With an army of Chicago police officers standing by, protesters shouted, “Take back the TIF, Take back the TIF.”

Rush said if Target does not rescind its decision to close its South Side stores, he will lead a boycott of the retailer on Black Friday, traditionally the busiest shopping day of the year–the day after Thanksgiving. Rush said there will also be another protest at the Target at Roosevelt and Clark and at the Target store at State and Madison in The Loop.

“We’re not playing any games,” Rush said. “We’re serious about this issue. We’re serious about maintaining a decent quality of life in our community.”

There were no Black aldermen at the protest although the stores in Chatham and Morgan Park are located in Ald. Roderick Sawyer and Ald. Carrie Austin’s respective wards. Attorney Gery Chico was the only mayoral candidate who attended the demonstration.

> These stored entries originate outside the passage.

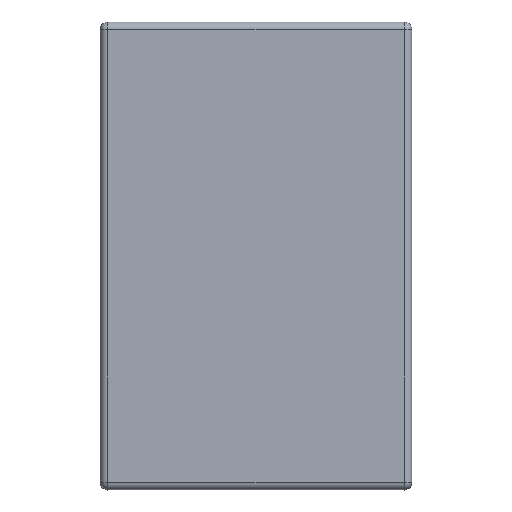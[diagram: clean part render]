
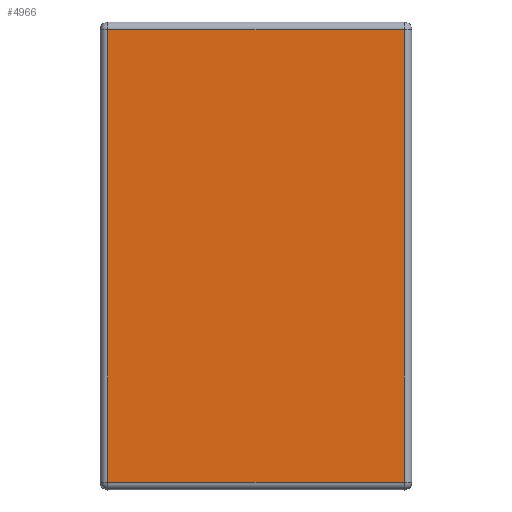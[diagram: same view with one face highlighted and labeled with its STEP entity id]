
A CAD part, top view. The second image highlights one B-rep face of the part: STEP entity #4966.
In plain terms, the highlighted planar face has unit normal (0, 0, 1).
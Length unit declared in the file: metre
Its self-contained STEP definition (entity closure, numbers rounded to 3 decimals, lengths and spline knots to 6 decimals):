
#463=LINE('',#10120,#924);
#464=LINE('',#10123,#925);
#465=LINE('',#10125,#926);
#466=LINE('',#10127,#927);
#924=VECTOR('',#7499,1.);
#925=VECTOR('',#7500,1.);
#926=VECTOR('',#7501,1.);
#927=VECTOR('',#7502,1.);
#2298=ORIENTED_EDGE('',*,*,#3226,.T.);
#2299=ORIENTED_EDGE('',*,*,#3227,.T.);
#2300=ORIENTED_EDGE('',*,*,#3228,.T.);
#2301=ORIENTED_EDGE('',*,*,#3229,.T.);
#3226=EDGE_CURVE('',#3708,#3709,#463,.T.);
#3227=EDGE_CURVE('',#3709,#3710,#464,.T.);
#3228=EDGE_CURVE('',#3710,#3711,#465,.T.);
#3229=EDGE_CURVE('',#3711,#3708,#466,.T.);
#3708=VERTEX_POINT('',#10121);
#3709=VERTEX_POINT('',#10122);
#3710=VERTEX_POINT('',#10124);
#3711=VERTEX_POINT('',#10126);
#4024=EDGE_LOOP('',(#2298,#2299,#2300,#2301));
#4301=FACE_BOUND('',#4024,.T.);
#4474=PLANE('',#6712);
#4966=ADVANCED_FACE('',(#4301),#4474,.F.);
#6712=AXIS2_PLACEMENT_3D('',#10119,#7497,#7498);
#7497=DIRECTION('',(0.,0.,-1.));
#7498=DIRECTION('',(0.,-1.,0.));
#7499=DIRECTION('',(-1.,0.,0.));
#7500=DIRECTION('',(0.,-1.,0.));
#7501=DIRECTION('',(1.,0.,0.));
#7502=DIRECTION('',(0.,1.,0.));
#10119=CARTESIAN_POINT('',(-0.138218,-0.032902,0.00789));
#10120=CARTESIAN_POINT('',(-0.138218,-0.032322,0.00789));
#10121=CARTESIAN_POINT('',(-0.137838,-0.032322,0.00789));
#10122=CARTESIAN_POINT('',(-0.138598,-0.032322,0.00789));
#10123=CARTESIAN_POINT('',(-0.138598,-0.032902,0.00789));
#10124=CARTESIAN_POINT('',(-0.138598,-0.033482,0.00789));
#10125=CARTESIAN_POINT('',(-0.138218,-0.033482,0.00789));
#10126=CARTESIAN_POINT('',(-0.137838,-0.033482,0.00789));
#10127=CARTESIAN_POINT('',(-0.137838,-0.032902,0.00789));
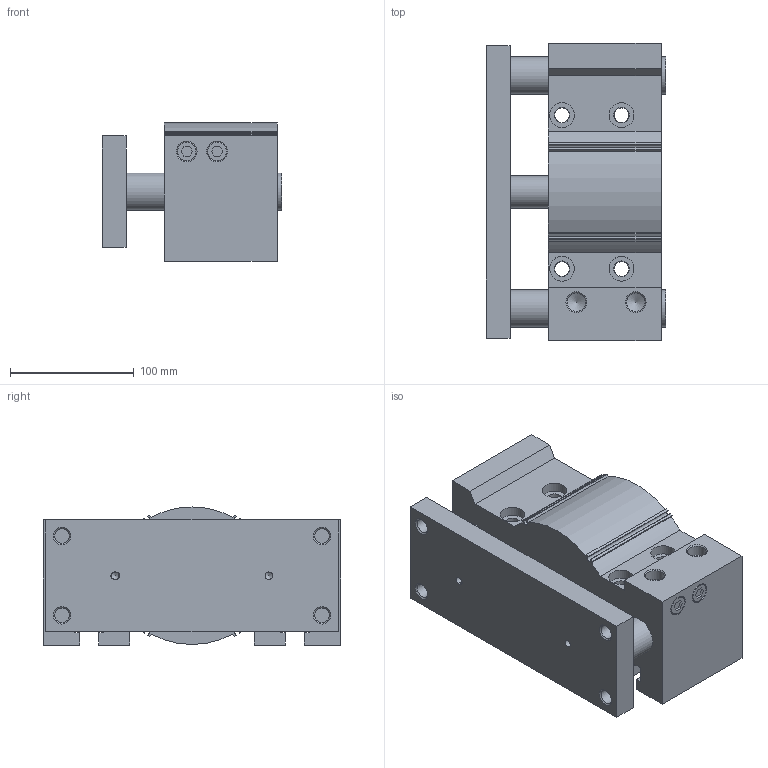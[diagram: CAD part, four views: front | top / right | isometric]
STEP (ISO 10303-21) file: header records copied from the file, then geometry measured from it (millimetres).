
FILE_DESCRIPTION(/* description */ ('STEP AP214'),/* implementation_level */ '2;1');
FILE_NAME(/* name */ 'MGPL100TF-25Z(0_0)',/* time_stamp */ '2025-09-11T07:48:45+02:00',/* author */ ('License CC BY-ND 4.0'),/* organization */ ('CADENAS'),/* preprocessor_version */ 'ST-DEVELOPER v19.3',/* originating_system */ 'PARTsolutions',/* authorisation */ ' ');
FILE_SCHEMA (('AUTOMOTIVE_DESIGN {1 0 10303 214 3 1 1}'));
Length unit declared in the file: millimetre
Products named in the file (4): MGPL100TF-25Z(0_0); MGPL100-25Z(0)_BODY; MGPL100-25Z(0)_ROD; MGP-Z_PLUG_100
Assembly tree (4 placements, depth 2):
  MGPL100TF-25Z(0_0)
    MGPL100-25Z(0)_BODY
    MGPL100-25Z(0)_ROD
    MGP-Z_PLUG_100  x2
Bounding box: 144.5 x 240 x 111.5 mm (x, y, z)
Volume: 2232481.7 mm3; surface area: 295630.5 mm2
Topology: 4 solids, 4 shells, 200 faces, 484 edges, 308 vertices
Faces by surface type: plane 104, cylinder 58, cone 38
Full cylindrical faces by diameter (mm): 6 x6, 11.835 x12, 12.5 x4, 14.95 x4, 16.662 x2, 20 x4, 26 x2, 30 x4, 100 x2
Entity records: 5165 total; most frequent: DIRECTION 892, CARTESIAN_POINT 849, ORIENTED_EDGE 734, EDGE_CURVE 367, AXIS2_PLACEMENT_3D 332, FACE_BOUND 312, EDGE_LOOP 298, VERTEX_POINT 289

Austin did attend a community Town Hall meeting last Thursday at New Covenant Missionary Baptist Church, where business leaders expressed concerns about Target’s decision. Many say the closures will affect smaller businesses in the neighborhoods and cause property values to decrease.

Rush said Target’s executive leaders will meet with community residents at 3 p.m. this Thursday, November 15 at New Covenant Baptist Church to hear resident’s concerns. Despite the public outcry, Target has stood by its decision to close its stores in Chatham and Morgan Park. Rush urges residents to attend the meeting on Thursday.

”Target says these stores are low-performing,” he said at Monday’s protest.  “That’s like blaming the victim. Every time I come there, the parking lots are full, the lines are long. If you go in those stores, the shelves are half empty. They need to get their management system in order. It’s not the fault of the community, it’s their (Target) fault. We’re mad. We’re angry, we’re upset and we’re not taking it anymore.”